Thousands of people were hunkering down in monasteries, pagodas and schools, taking shelter from a powerful storm that slammed into the coast of Myanmar, tearing roofs off buildings and killing at least three people.
The centre of Cyclone Mocha made landfall on Sunday afternoon in Myanmar’s Rakhine state near Sittwe township, with wind speeds of up to 130 miles an hour, Myanmar’s meteorological department said.
Myanmar’s military information office said the storm had damaged houses, electrical transformers, mobile phone towers, boats and lampposts in Sittwe, Kyaukpyu, and Gwa townships.
It said the storm also tore roofs off of sports buildings on the Coco Islands, about 264 miles (425km) southwest of the country’s largest city, Yangon.
Rakhine-based media reported that streets and basements of houses in Sittwe’s low-lying areas had been flooded. Much of the area was cut off from telephone and internet services after high winds damaged mobile phone towers.
More than 4,000 of Sittwe’s 300,000 residents were evacuated to other cities and more than 20,000 people were sheltering in sturdy buildings including monasteries, pagodas and schools located on the city’s highlands, said Tin Nyein Oo, who is volunteering in shelters in Sittwe.
Speaking earlier, Lin Lin, chairman of a local charitable foundation, said there was not enough food in the shelters in Sittwe, after more people had arrived than expected.

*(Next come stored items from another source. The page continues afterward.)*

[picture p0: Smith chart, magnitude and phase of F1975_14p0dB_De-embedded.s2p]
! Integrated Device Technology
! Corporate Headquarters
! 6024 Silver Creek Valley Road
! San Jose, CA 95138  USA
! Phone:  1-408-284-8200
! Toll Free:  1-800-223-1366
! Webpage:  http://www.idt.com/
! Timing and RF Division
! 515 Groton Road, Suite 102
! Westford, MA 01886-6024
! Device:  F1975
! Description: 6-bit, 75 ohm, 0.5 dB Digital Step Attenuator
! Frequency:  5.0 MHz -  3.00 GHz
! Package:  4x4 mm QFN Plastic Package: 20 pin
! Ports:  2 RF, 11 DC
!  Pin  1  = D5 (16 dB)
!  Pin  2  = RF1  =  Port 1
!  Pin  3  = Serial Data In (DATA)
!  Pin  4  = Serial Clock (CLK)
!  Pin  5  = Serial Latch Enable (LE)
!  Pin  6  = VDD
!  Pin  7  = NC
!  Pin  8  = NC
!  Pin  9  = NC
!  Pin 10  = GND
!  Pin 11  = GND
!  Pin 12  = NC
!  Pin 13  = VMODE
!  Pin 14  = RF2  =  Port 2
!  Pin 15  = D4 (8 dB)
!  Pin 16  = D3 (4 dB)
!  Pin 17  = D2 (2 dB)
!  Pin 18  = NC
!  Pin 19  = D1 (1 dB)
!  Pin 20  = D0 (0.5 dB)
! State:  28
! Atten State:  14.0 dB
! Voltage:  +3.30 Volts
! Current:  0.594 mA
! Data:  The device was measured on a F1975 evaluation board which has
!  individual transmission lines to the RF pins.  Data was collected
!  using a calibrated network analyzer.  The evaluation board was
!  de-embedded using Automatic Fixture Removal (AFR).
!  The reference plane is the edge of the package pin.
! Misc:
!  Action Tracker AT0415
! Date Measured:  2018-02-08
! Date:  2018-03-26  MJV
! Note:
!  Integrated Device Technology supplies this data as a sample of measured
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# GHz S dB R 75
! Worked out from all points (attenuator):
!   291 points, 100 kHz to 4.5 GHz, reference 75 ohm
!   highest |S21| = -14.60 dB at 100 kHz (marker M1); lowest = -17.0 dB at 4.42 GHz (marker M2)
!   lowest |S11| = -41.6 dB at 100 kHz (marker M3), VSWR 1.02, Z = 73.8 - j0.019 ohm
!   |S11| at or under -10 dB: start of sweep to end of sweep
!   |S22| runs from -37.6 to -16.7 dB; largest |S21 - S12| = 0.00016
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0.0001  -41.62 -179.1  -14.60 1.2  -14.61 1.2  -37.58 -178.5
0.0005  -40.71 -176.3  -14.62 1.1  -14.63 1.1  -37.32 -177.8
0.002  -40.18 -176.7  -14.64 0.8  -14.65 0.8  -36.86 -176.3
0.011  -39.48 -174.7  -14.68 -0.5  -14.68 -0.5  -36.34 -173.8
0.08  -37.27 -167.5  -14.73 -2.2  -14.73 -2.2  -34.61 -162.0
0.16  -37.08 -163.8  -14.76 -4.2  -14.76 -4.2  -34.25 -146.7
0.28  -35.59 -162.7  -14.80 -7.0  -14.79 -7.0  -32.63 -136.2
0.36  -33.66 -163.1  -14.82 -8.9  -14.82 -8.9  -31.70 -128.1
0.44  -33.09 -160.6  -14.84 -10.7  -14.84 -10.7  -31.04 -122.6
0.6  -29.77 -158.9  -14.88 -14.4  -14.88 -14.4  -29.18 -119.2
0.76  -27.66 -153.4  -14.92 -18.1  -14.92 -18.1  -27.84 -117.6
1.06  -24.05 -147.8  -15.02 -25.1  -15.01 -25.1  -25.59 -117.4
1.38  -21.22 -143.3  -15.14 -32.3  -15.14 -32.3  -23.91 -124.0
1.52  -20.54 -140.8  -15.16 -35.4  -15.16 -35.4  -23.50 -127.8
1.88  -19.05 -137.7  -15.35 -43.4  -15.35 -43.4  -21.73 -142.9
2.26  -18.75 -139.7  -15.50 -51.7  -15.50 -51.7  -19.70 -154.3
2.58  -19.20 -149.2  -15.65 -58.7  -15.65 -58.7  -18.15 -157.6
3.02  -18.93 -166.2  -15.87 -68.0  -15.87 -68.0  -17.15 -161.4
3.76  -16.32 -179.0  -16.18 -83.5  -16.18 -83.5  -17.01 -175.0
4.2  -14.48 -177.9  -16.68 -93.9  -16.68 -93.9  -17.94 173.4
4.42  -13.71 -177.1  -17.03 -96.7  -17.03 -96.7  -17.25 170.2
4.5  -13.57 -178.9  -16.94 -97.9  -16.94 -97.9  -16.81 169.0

Titon Mitra, the UN Development Programme representative in Myanmar, tweeted: “Mocha has made landfall. 2m people at risk. Damage and losses are expected to be extensive. We are ready to respond and will need unhindered access to all affected communities.”
Several deaths caused by wind and rain were reported in Myanmar on Sunday morning.
A rescue team from the country’s eastern Shan state announced on its Facebook social media page that they had recovered the bodies of a couple who were buried when a landslide caused by heavy rain hit their house in Tachileik township.
Local media reported that a man had been crushed to death when a banyan tree fell on him in Pyin Oo Lwin township in the central Mandalay Region.
Authorities in the Bangladeshi city of Cox’s Bazar, which lay in the storm’s predicted path, said earlier that they had evacuated some 1.27 million people, but by early afternoon it appeared that the storm would mostly miss the country as it veered east, Azizur Rahman, director of the Bangladesh meteorological department in Dhaka, said.
“The level of risk has reduced to a great extent in Bangladesh,” he told reporters.
Strong winds accompanied by rains continued in the Saint Martin’s Island in the Bay of Bengal in the afternoon, but feared tidal surges did not take place because the cyclone started crossing the Bangladesh coast at low tide, Dhaka-based Jamuna TV station reported.
UN agencies and aid workers in Bangladesh had prepositioned tons of dry food and dozens of ambulances with mobile medical teams in sprawling refugee camps that house more than one million Rohingya who fled persecution in Myanmar.
In May 2008, Cyclone Nargis hit Myanmar with a storm surge that devastated populated areas around the Irrawaddy River Delta. At least 138,000 people died and tens of thousands of homes and other buildings were washed away.